We can help you on Regulatory Affairs, Vigilance and Business Development based on ensuring the Quality and Safety of products, processes and systems.
We can provide individual services or full-service combining all mandatory safety and compliance aspects beginning from the development, safety assessment, label and claim, review, dossier building and notifications / registrations.
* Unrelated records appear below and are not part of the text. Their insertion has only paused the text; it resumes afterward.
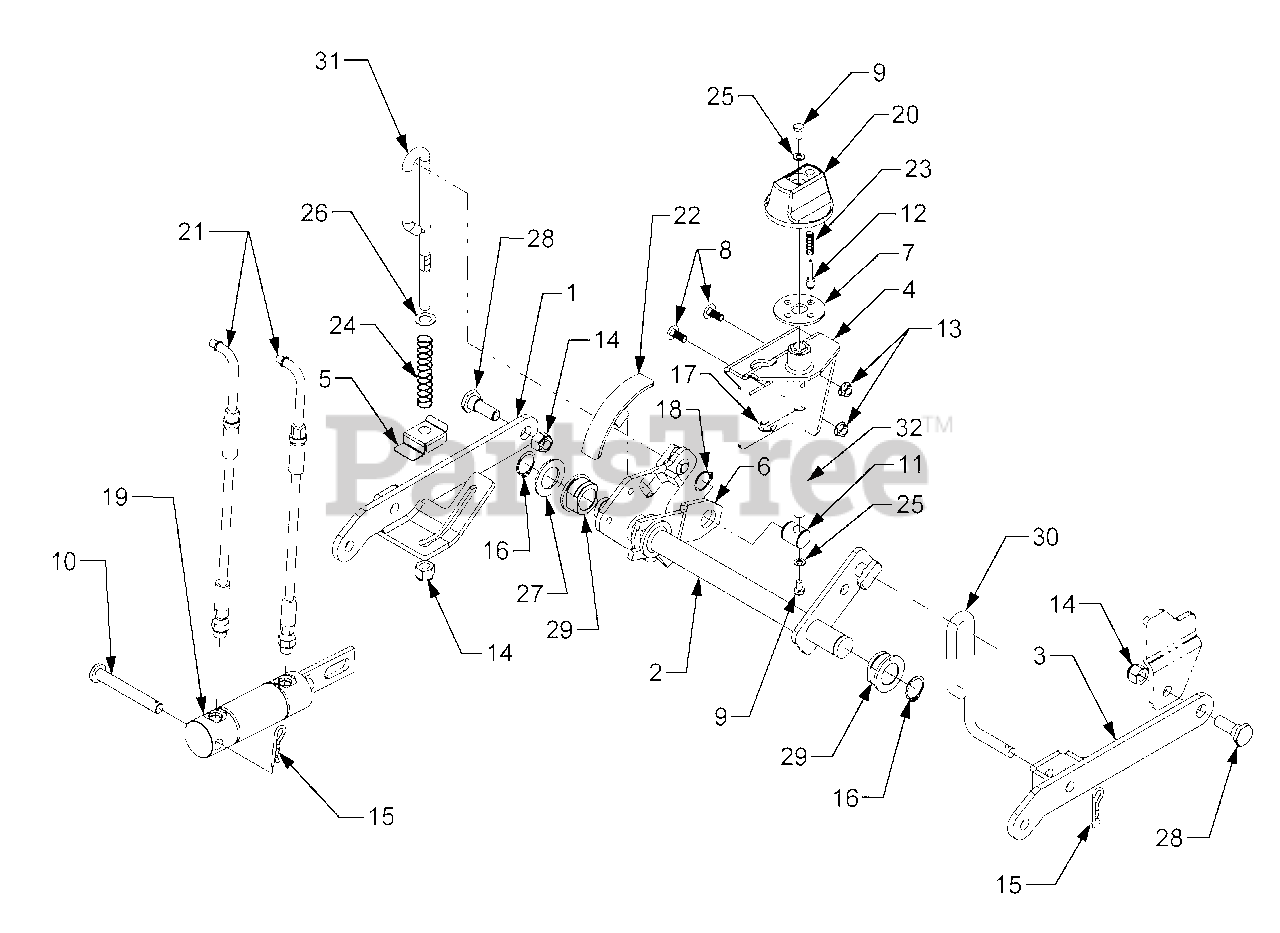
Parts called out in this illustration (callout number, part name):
1	Link, LH Lift
4	Bracket, Downstop
5	Stop Bracket, Lift Rod
6	Arm, Downstop
7	Disk, Detent
8	Bolt, Carriage, 3/8-16 x .75
9	Screw, Hex Cap, 1/4-20 x .5 GR5
10	Pin, Clevis, .5 x 3.75
11	Ferrule, Adjustment
12	Pin, Detent Plunger
13	Nut, Flange Lock, 3/8-16 GR5
14	Nut, Hex Lock, 1/2-13
15	Pin, Internal Cotter
16	Snap Ring, 1.0 Dia. Shaft
17	Ring, 'E' Retaining, .5 Dia.
18	Snap Ring, .875 Dia. Shaft
19	Cylinder, Center Lift
20	Knob
21	Hose, Lift
22	Indicator, Lift Position
23	Spring, Compression
24	Spring, Compression
25	Washer, Flat, .281 x .5 x .063
26	Washer, Flat, .536 x .93 x .050
27	Washer. Flat, 1.0 x 1.7 x .10
28	Shoulder Screw
29	Bearing, Flange w/Flats
30	Rod, RH Lift
31	Rod, LH Lift
32	Screw, Adjustment
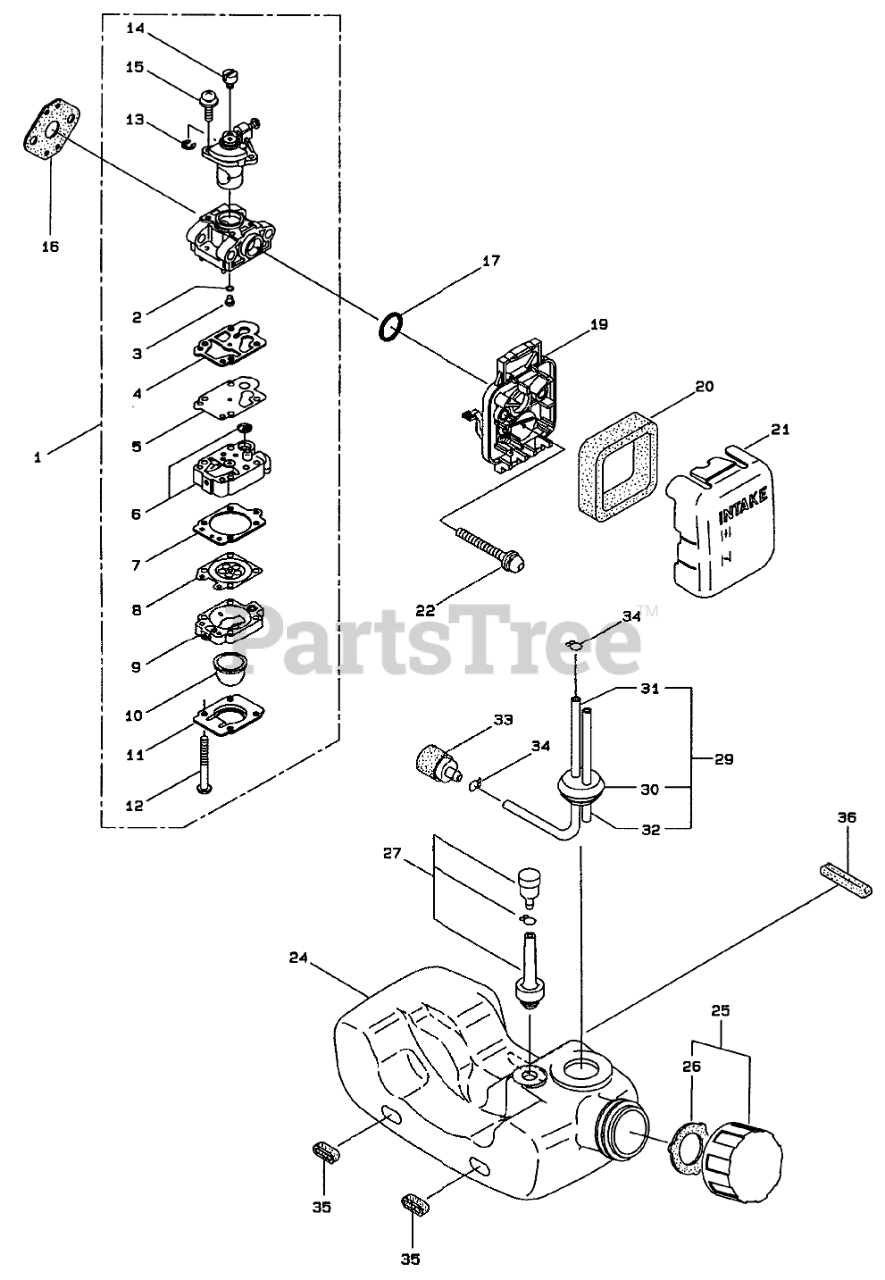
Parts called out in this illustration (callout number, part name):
1	Carburetor Assembly (Incl. Ref. #2-15)
2	O-RING
3	Main Jet
4	GASKET (NC)
5	PUMP - DIAPHRAGM (NC)
6	PUMP - BODY (NC)
7	GASKET (NC)
8	ASM - DIAPHRAGM
9	PURGE - BODY (NC)
10	PRIMER
11	PLATE - COVER (NC)
12	SCREW (NC)
13	E-RING
14	SWIVEL
15	SCREW
16	GASKET
17	O-RING
19	HOUSING - AIR CLEANER
20	ELEMENT
21	COVER
22	CAPSCREW
24	GAS TANK
25	Fuel Tank Cap Assembly (Incl. Ref. # 26)
26	PACKING
27	ASM - BREATHER
29	Fuel Pipe Assembly (Incl. Ref. # 30-32)
30	GROMMET
31	Fuel Pipe
32	PIPE - RETURN
33	GAS FILTER

We cover a large portfolio of products: Food Supplements, Cosmetics, Medical Devices, Drugs.
Services can include:
• Developing new formulas and/or products
• Identification of applicable requirements according to the product classification, including regulatory requirements, market and customer drivers, etc.
• Preparing regulatory strategy and submissions
• Compiling and redaction of regulatory files and application forms.
• Creating a comprehensive Product Information File (PIF) to satisfy all EU and other states requirements
• Ensuring compliance, label and claim review
• Vigilance support (redaction and submission)
• Responsible person services
• Brand registration and protection
• Market Access : Ensure global health compliance and registration
• Third-party technical liaison: subcontractor, distributor, etc.